[Saved entries]
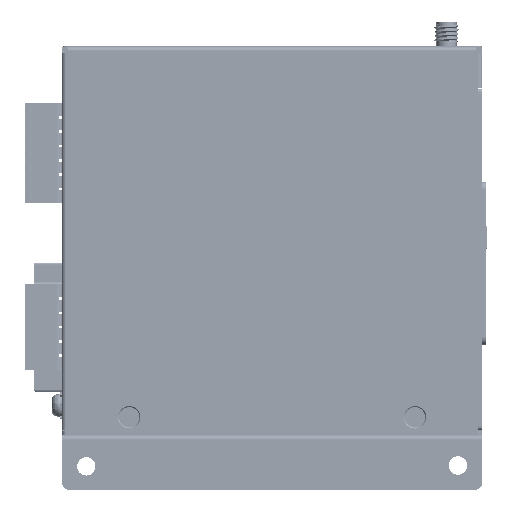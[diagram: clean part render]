
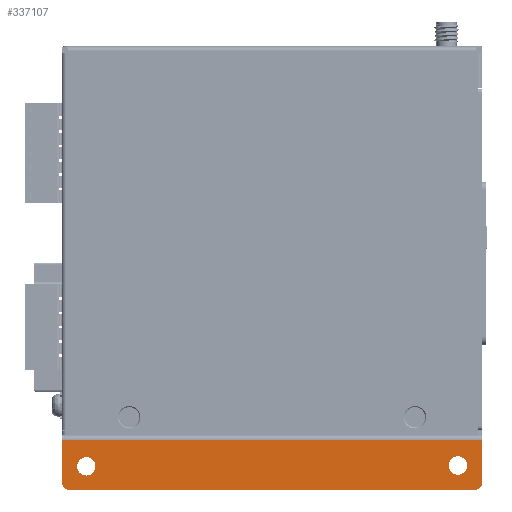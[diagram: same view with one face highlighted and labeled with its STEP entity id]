
A CAD part, left-side view. The second image highlights one B-rep face of the part: STEP entity #337107.
In plain terms, the highlighted planar face has unit normal (-1, 0, 0) as drawn and (0, -1, 0) by its records, which use the part's own axes.
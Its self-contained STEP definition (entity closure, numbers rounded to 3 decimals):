
#11161 = AXIS2_PLACEMENT_3D ( 'NONE', #297217, #410077, #22819 ) ;
#22819 = DIRECTION ( 'NONE',  ( 1., 0., 0. ) ) ;
#27283 = ORIENTED_EDGE ( 'NONE', *, *, #196786, .F. ) ;
#31737 = CARTESIAN_POINT ( 'NONE',  ( 13.5, 0., -51.5 ) ) ;
#31975 = CARTESIAN_POINT ( 'NONE',  ( 11.5, 0., 49.5 ) ) ;
#34664 = ORIENTED_EDGE ( 'NONE', *, *, #441722, .F. ) ;
#35526 = VECTOR ( 'NONE', #366893, 1000. ) ;
#38676 = FACE_BOUND ( 'NONE', #336107, .T. ) ;
#42370 = CIRCLE ( 'NONE', #417823, 2.25 ) ;
#50252 = DIRECTION ( 'NONE',  ( 0., -1., 0. ) ) ;
#52491 = ORIENTED_EDGE ( 'NONE', *, *, #181572, .T. ) ;
#63513 = VERTEX_POINT ( 'NONE', #302956 ) ;
#65956 = CARTESIAN_POINT ( 'NONE',  ( 11.5, 0., 51.5 ) ) ;
#70818 = DIRECTION ( 'NONE',  ( 0., 0., 1. ) ) ;
#70914 = EDGE_CURVE ( 'NONE', #432223, #345700, #216202, .T. ) ;
#71495 = VERTEX_POINT ( 'NONE', #311132 ) ;
#72488 = ORIENTED_EDGE ( 'NONE', *, *, #128124, .F. ) ;
#77789 = PLANE ( 'NONE',  #187608 ) ;
#83051 = VERTEX_POINT ( 'NONE', #279312 ) ;
#84293 = AXIS2_PLACEMENT_3D ( 'NONE', #244044, #237153, #200231 ) ;
#86827 = DIRECTION ( 'NONE',  ( -1., 0., 0. ) ) ;
#97639 = DIRECTION ( 'NONE',  ( 0., -1., 0. ) ) ;
#109732 = CARTESIAN_POINT ( 'NONE',  ( 9.965, 0., -45.5 ) ) ;
#111094 = CARTESIAN_POINT ( 'NONE',  ( 1.2, 0., -51.5 ) ) ;
#122737 = DIRECTION ( 'NONE',  ( -1., 0., 0. ) ) ;
#125313 = DIRECTION ( 'NONE',  ( 1., 0., 0. ) ) ;
#128124 = EDGE_CURVE ( 'NONE', #161165, #374180, #42370, .T. ) ;
#143915 = ORIENTED_EDGE ( 'NONE', *, *, #70914, .T. ) ;
#149080 = FACE_BOUND ( 'NONE', #223218, .T. ) ;
#152985 = ORIENTED_EDGE ( 'NONE', *, *, #227293, .T. ) ;
#159940 = CARTESIAN_POINT ( 'NONE',  ( 9.75, 0., 45.5 ) ) ;
#161165 = VERTEX_POINT ( 'NONE', #109732 ) ;
#161289 = VERTEX_POINT ( 'NONE', #201568 ) ;
#181572 = EDGE_CURVE ( 'NONE', #83051, #432223, #332303, .T. ) ;
#183783 = CARTESIAN_POINT ( 'NONE',  ( 1.2, 0., -51.5 ) ) ;
#187608 = AXIS2_PLACEMENT_3D ( 'NONE', #331244, #413460, #86827 ) ;
#188395 = ORIENTED_EDGE ( 'NONE', *, *, #205253, .T. ) ;
#189211 = EDGE_CURVE ( 'NONE', #374180, #161165, #430701, .T. ) ;
#196786 = EDGE_CURVE ( 'NONE', #239728, #71495, #359796, .T. ) ;
#200231 = DIRECTION ( 'NONE',  ( -1., 0., 0. ) ) ;
#201568 = CARTESIAN_POINT ( 'NONE',  ( 13.5, 0., -49.5 ) ) ;
#205253 = EDGE_CURVE ( 'NONE', #63513, #161289, #452141, .T. ) ;
#207005 = DIRECTION ( 'NONE',  ( 0., -1., 0. ) ) ;
#214832 = LINE ( 'NONE', #111094, #35526 ) ;
#216202 = LINE ( 'NONE', #359239, #264786 ) ;
#223218 = EDGE_LOOP ( 'NONE', ( #72488, #312499 ) ) ;
#227293 = EDGE_CURVE ( 'NONE', #161289, #83051, #246073, .T. ) ;
#229618 = CARTESIAN_POINT ( 'NONE',  ( 7.5, 0., 45.5 ) ) ;
#237153 = DIRECTION ( 'NONE',  ( 0., -1., 0. ) ) ;
#239728 = VERTEX_POINT ( 'NONE', #159940 ) ;
#244044 = CARTESIAN_POINT ( 'NONE',  ( 11.5, 0., -49.5 ) ) ;
#246073 = LINE ( 'NONE', #31737, #283028 ) ;
#259033 = CARTESIAN_POINT ( 'NONE',  ( 13.5, 0., -51.5 ) ) ;
#264786 = VECTOR ( 'NONE', #432906, 1000. ) ;
#274098 = DIRECTION ( 'NONE',  ( -1., 0., 0. ) ) ;
#279061 = CARTESIAN_POINT ( 'NONE',  ( 5.465, 0., -45.5 ) ) ;
#279312 = CARTESIAN_POINT ( 'NONE',  ( 13.5, 0., 49.5 ) ) ;
#283028 = VECTOR ( 'NONE', #70818, 1000. ) ;
#295769 = LINE ( 'NONE', #259033, #396167 ) ;
#297217 = CARTESIAN_POINT ( 'NONE',  ( 7.715, 0., -45.5 ) ) ;
#302956 = CARTESIAN_POINT ( 'NONE',  ( 11.5, 0., -51.5 ) ) ;
#311132 = CARTESIAN_POINT ( 'NONE',  ( 5.25, 0., 45.5 ) ) ;
#312499 = ORIENTED_EDGE ( 'NONE', *, *, #189211, .F. ) ;
#328116 = CIRCLE ( 'NONE', #445861, 2.25 ) ;
#331244 = CARTESIAN_POINT ( 'NONE',  ( 13.5, 0., -51.5 ) ) ;
#332303 = CIRCLE ( 'NONE', #391218, 2. ) ;
#333717 = DIRECTION ( 'NONE',  ( 1., 0., 0. ) ) ;
#335749 = DIRECTION ( 'NONE',  ( 0., -1., 0. ) ) ;
#335979 = CARTESIAN_POINT ( 'NONE',  ( 7.5, 0., 45.5 ) ) ;
#336107 = EDGE_LOOP ( 'NONE', ( #27283, #375160 ) ) ;
#337107 = ADVANCED_FACE ( 'NONE', ( #38676, #149080, #393605 ), #77789, .F. ) ;
#345700 = VERTEX_POINT ( 'NONE', #408483 ) ;
#359239 = CARTESIAN_POINT ( 'NONE',  ( 13.5, 0., 51.5 ) ) ;
#359796 = CIRCLE ( 'NONE', #440661, 2.25 ) ;
#366893 = DIRECTION ( 'NONE',  ( 0., 0., -1. ) ) ;
#370138 = EDGE_LOOP ( 'NONE', ( #34664, #188395, #152985, #52491, #143915, #448507 ) ) ;
#374180 = VERTEX_POINT ( 'NONE', #279061 ) ;
#375160 = ORIENTED_EDGE ( 'NONE', *, *, #402471, .F. ) ;
#376575 = CARTESIAN_POINT ( 'NONE',  ( 7.715, 0., -45.5 ) ) ;
#391218 = AXIS2_PLACEMENT_3D ( 'NONE', #31975, #207005, #274098 ) ;
#393605 = FACE_OUTER_BOUND ( 'NONE', #370138, .T. ) ;
#396167 = VECTOR ( 'NONE', #122737, 1000. ) ;
#400418 = DIRECTION ( 'NONE',  ( 1., 0., 0. ) ) ;
#402471 = EDGE_CURVE ( 'NONE', #71495, #239728, #328116, .T. ) ;
#408483 = CARTESIAN_POINT ( 'NONE',  ( 1.2, 0., 51.5 ) ) ;
#410077 = DIRECTION ( 'NONE',  ( 0., -1., 0. ) ) ;
#413460 = DIRECTION ( 'NONE',  ( 0., 1., 0. ) ) ;
#417823 = AXIS2_PLACEMENT_3D ( 'NONE', #376575, #97639, #125313 ) ;
#427371 = EDGE_CURVE ( 'NONE', #345700, #432682, #214832, .T. ) ;
#430701 = CIRCLE ( 'NONE', #11161, 2.25 ) ;
#432223 = VERTEX_POINT ( 'NONE', #65956 ) ;
#432682 = VERTEX_POINT ( 'NONE', #183783 ) ;
#432906 = DIRECTION ( 'NONE',  ( -1., 0., 0. ) ) ;
#440661 = AXIS2_PLACEMENT_3D ( 'NONE', #335979, #50252, #333717 ) ;
#441722 = EDGE_CURVE ( 'NONE', #63513, #432682, #295769, .T. ) ;
#445861 = AXIS2_PLACEMENT_3D ( 'NONE', #229618, #335749, #400418 ) ;
#448507 = ORIENTED_EDGE ( 'NONE', *, *, #427371, .T. ) ;
#452141 = CIRCLE ( 'NONE', #84293, 2. ) ;

» Exercise goal: Return a word-for-word copy of the lines above from the one holding "#336107 = EDGE_LOOP" through the one holding "#413460 = DIRECTION", with both of them included and nothing besides.

» Output for this exercise:
#336107 = EDGE_LOOP ( 'NONE', ( #27283, #375160 ) ) ;
#337107 = ADVANCED_FACE ( 'NONE', ( #38676, #149080, #393605 ), #77789, .F. ) ;
#345700 = VERTEX_POINT ( 'NONE', #408483 ) ;
#359239 = CARTESIAN_POINT ( 'NONE',  ( 13.5, 0., 51.5 ) ) ;
#359796 = CIRCLE ( 'NONE', #440661, 2.25 ) ;
#366893 = DIRECTION ( 'NONE',  ( 0., 0., -1. ) ) ;
#370138 = EDGE_LOOP ( 'NONE', ( #34664, #188395, #152985, #52491, #143915, #448507 ) ) ;
#374180 = VERTEX_POINT ( 'NONE', #279061 ) ;
#375160 = ORIENTED_EDGE ( 'NONE', *, *, #402471, .F. ) ;
#376575 = CARTESIAN_POINT ( 'NONE',  ( 7.715, 0., -45.5 ) ) ;
#391218 = AXIS2_PLACEMENT_3D ( 'NONE', #31975, #207005, #274098 ) ;
#393605 = FACE_OUTER_BOUND ( 'NONE', #370138, .T. ) ;
#396167 = VECTOR ( 'NONE', #122737, 1000. ) ;
#400418 = DIRECTION ( 'NONE',  ( 1., 0., 0. ) ) ;
#402471 = EDGE_CURVE ( 'NONE', #71495, #239728, #328116, .T. ) ;
#408483 = CARTESIAN_POINT ( 'NONE',  ( 1.2, 0., 51.5 ) ) ;
#410077 = DIRECTION ( 'NONE',  ( 0., -1., 0. ) ) ;
#413460 = DIRECTION ( 'NONE',  ( 0., 1., 0. ) ) ;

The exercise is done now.